> [Data extracted from a collection]
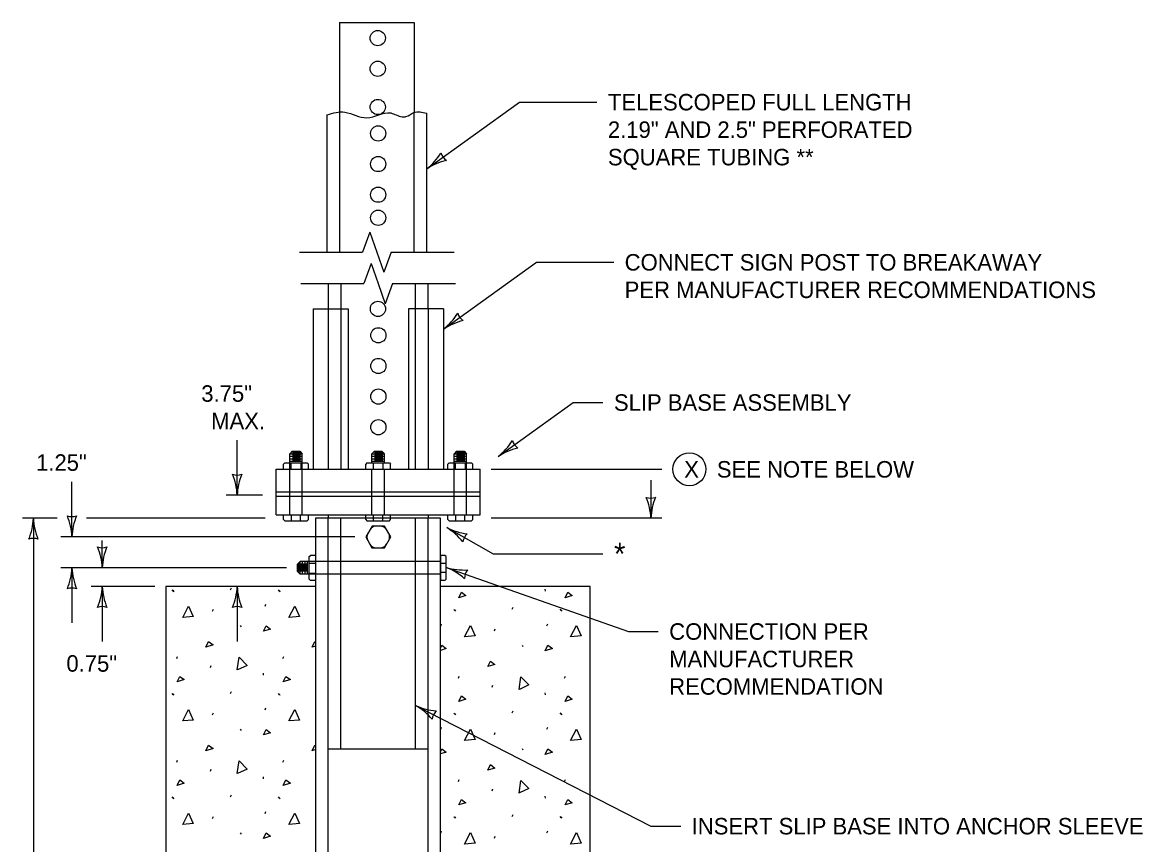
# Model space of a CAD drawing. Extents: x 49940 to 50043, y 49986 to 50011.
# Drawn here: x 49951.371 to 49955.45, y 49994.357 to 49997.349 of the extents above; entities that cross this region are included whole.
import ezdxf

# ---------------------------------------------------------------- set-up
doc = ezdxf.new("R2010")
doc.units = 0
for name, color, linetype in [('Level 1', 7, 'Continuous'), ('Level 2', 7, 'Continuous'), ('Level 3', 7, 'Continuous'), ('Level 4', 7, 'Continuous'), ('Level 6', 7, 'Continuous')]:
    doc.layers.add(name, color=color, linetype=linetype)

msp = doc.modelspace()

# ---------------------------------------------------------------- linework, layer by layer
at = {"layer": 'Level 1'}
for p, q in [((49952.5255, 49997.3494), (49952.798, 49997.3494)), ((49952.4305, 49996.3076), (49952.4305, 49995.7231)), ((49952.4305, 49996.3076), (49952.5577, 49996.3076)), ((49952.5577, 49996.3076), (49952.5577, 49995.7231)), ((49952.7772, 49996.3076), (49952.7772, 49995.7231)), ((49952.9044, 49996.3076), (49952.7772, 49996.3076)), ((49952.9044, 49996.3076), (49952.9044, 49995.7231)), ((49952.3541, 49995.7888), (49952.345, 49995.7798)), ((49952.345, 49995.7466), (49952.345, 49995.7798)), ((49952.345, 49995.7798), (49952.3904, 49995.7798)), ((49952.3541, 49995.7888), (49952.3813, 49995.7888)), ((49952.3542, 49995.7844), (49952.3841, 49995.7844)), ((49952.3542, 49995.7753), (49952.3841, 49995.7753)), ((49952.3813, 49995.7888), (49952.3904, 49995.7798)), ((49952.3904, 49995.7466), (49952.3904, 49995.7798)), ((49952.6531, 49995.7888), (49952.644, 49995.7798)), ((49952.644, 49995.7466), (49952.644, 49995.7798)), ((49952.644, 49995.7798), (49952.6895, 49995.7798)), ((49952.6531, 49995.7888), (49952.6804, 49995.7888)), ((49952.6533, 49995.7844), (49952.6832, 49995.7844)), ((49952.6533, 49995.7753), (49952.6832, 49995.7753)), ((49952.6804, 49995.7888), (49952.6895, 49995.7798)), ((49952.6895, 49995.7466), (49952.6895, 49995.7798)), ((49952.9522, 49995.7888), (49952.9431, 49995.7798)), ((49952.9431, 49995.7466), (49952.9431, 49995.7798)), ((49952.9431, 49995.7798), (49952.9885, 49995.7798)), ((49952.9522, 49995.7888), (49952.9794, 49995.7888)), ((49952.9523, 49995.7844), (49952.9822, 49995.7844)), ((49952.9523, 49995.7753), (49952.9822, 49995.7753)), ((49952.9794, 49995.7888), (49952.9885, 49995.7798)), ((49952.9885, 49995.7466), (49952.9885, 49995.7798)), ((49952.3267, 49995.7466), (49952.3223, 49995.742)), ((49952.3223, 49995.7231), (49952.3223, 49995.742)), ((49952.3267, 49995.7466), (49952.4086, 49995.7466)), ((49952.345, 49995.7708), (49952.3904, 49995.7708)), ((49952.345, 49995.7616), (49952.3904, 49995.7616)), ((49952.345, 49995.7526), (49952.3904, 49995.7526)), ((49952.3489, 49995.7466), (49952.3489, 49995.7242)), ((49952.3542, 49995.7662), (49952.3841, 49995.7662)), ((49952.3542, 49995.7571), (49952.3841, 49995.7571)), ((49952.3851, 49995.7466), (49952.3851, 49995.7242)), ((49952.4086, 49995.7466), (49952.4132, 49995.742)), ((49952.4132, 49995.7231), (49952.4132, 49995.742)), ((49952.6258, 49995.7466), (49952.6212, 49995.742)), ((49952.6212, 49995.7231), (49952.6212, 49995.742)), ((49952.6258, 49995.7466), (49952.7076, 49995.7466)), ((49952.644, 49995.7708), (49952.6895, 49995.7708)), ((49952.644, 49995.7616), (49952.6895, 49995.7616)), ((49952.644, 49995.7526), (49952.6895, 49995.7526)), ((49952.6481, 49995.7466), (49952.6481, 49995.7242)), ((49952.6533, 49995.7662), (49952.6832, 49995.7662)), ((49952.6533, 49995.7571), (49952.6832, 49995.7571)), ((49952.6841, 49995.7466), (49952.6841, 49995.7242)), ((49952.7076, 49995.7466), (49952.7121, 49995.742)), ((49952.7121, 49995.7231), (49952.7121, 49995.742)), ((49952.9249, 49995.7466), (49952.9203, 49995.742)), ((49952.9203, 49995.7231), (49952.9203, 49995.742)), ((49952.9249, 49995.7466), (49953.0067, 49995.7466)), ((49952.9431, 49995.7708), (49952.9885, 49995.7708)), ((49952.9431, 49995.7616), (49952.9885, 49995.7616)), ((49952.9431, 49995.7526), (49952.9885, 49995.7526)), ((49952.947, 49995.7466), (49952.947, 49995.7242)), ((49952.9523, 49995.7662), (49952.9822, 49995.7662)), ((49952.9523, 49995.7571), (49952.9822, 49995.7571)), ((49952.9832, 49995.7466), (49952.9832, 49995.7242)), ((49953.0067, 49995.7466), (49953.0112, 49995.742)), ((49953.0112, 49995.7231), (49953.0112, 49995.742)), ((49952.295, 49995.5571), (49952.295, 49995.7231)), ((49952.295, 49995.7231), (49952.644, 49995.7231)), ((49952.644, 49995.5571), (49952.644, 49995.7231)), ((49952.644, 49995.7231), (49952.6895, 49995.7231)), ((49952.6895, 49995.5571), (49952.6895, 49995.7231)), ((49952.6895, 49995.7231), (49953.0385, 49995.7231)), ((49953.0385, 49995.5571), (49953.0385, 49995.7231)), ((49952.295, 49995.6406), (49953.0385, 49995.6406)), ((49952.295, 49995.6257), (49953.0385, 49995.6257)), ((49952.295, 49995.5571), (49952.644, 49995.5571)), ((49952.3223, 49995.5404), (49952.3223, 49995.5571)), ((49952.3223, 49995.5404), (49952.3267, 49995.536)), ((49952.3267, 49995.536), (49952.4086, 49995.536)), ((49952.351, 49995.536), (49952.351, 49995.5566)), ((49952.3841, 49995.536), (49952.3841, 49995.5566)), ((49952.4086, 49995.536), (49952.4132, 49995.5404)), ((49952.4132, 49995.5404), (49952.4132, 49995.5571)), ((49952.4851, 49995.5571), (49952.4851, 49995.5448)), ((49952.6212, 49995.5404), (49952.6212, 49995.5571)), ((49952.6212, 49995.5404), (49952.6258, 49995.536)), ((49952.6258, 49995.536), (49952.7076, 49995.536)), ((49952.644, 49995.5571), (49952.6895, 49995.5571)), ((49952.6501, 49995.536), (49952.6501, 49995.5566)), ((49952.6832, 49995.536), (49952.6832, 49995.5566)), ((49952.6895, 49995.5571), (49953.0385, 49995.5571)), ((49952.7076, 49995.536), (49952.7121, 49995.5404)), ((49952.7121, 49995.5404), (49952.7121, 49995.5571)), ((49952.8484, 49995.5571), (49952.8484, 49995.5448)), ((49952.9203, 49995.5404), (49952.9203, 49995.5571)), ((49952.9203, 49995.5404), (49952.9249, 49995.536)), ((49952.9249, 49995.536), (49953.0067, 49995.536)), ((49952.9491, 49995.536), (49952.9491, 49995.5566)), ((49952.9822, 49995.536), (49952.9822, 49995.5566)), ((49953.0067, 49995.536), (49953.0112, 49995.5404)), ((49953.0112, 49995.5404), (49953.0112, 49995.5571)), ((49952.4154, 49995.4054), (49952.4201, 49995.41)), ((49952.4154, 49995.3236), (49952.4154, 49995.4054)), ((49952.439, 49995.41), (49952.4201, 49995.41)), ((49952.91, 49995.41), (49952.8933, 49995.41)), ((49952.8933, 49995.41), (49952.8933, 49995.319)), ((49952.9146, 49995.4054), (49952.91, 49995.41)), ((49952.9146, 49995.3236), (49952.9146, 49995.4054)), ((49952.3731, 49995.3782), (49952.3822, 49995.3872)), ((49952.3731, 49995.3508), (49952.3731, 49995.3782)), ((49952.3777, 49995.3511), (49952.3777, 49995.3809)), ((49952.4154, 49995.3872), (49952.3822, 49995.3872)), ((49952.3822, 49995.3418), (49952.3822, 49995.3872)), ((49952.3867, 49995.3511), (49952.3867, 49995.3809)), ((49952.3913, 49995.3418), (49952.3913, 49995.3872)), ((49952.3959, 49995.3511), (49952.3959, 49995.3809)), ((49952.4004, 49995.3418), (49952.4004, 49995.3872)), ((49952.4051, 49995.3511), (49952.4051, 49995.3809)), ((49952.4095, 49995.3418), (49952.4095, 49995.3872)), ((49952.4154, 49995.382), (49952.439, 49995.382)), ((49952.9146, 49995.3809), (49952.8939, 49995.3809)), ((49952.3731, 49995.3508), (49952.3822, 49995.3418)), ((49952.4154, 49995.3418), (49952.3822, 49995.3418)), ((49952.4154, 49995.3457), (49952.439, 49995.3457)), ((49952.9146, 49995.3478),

> [Instructions for the task]
Every line above that holds the string "linetype" should be copied out.

> [Task output]
for name, color, linetype in [('Level 1', 7, 'Continuous'), ('Level 2', 7, 'Continuous'), ('Level 3', 7, 'Continuous'), ('Level 4', 7, 'Continuous'), ('Level 6', 7, 'Continuous')]:
    doc.layers.add(name, color=color, linetype=linetype)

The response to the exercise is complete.